===== RECORDED DATA

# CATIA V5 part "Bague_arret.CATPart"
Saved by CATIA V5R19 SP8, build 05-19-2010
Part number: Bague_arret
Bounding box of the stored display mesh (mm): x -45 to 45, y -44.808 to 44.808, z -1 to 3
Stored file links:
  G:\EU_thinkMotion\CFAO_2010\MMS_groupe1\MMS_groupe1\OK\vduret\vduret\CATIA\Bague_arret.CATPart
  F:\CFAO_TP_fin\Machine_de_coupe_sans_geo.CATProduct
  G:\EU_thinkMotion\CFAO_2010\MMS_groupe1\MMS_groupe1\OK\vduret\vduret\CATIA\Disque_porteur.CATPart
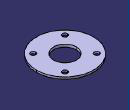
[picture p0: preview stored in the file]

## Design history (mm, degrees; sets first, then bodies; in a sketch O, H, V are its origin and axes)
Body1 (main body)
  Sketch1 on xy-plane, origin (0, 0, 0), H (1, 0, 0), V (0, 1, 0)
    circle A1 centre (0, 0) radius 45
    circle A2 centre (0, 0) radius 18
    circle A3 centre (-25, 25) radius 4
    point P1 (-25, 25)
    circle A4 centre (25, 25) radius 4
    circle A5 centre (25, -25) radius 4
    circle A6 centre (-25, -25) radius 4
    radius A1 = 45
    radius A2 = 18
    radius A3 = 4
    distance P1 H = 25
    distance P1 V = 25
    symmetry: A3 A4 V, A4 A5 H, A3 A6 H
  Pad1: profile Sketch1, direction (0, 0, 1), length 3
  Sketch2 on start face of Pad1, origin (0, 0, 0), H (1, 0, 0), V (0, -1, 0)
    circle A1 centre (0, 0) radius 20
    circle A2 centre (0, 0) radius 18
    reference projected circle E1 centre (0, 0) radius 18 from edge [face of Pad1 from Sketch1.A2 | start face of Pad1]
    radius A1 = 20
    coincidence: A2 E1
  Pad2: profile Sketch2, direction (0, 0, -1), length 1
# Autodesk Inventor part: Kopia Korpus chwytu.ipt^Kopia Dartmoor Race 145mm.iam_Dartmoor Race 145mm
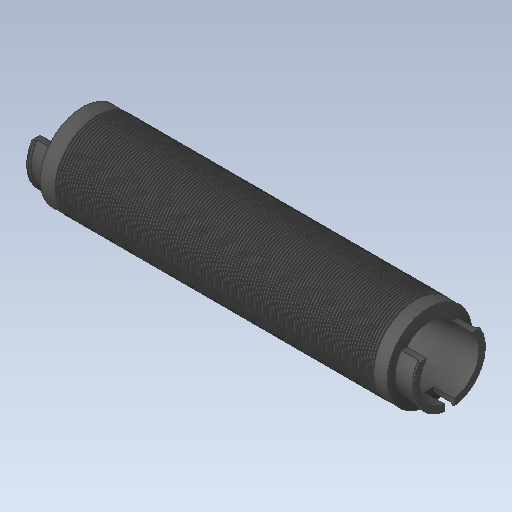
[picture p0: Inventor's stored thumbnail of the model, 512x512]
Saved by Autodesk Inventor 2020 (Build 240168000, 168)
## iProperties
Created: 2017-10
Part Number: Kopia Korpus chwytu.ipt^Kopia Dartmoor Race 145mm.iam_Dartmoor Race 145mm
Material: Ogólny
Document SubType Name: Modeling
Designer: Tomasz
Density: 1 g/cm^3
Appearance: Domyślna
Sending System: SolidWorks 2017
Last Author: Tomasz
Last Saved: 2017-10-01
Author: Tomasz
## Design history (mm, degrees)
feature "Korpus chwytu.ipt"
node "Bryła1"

==========

> WHAT IS REQUIRED: Using the entries above, write out exactly the lines from the one with "Saved by CATIA V5R19 SP8, build 05-19-2010" through the one with "[picture p0: preview stored in the file]", ends included. Leave out any pictures.

> ANSWER TO THIS TASK:
Saved by CATIA V5R19 SP8, build 05-19-2010
Part number: Bague_arret
Bounding box of the stored display mesh (mm): x -45 to 45, y -44.808 to 44.808, z -1 to 3
Stored file links:
  G:\EU_thinkMotion\CFAO_2010\MMS_groupe1\MMS_groupe1\OK\vduret\vduret\CATIA\Bague_arret.CATPart
  F:\CFAO_TP_fin\Machine_de_coupe_sans_geo.CATProduct
  G:\EU_thinkMotion\CFAO_2010\MMS_groupe1\MMS_groupe1\OK\vduret\vduret\CATIA\Disque_porteur.CATPart
[picture p0: preview stored in the file]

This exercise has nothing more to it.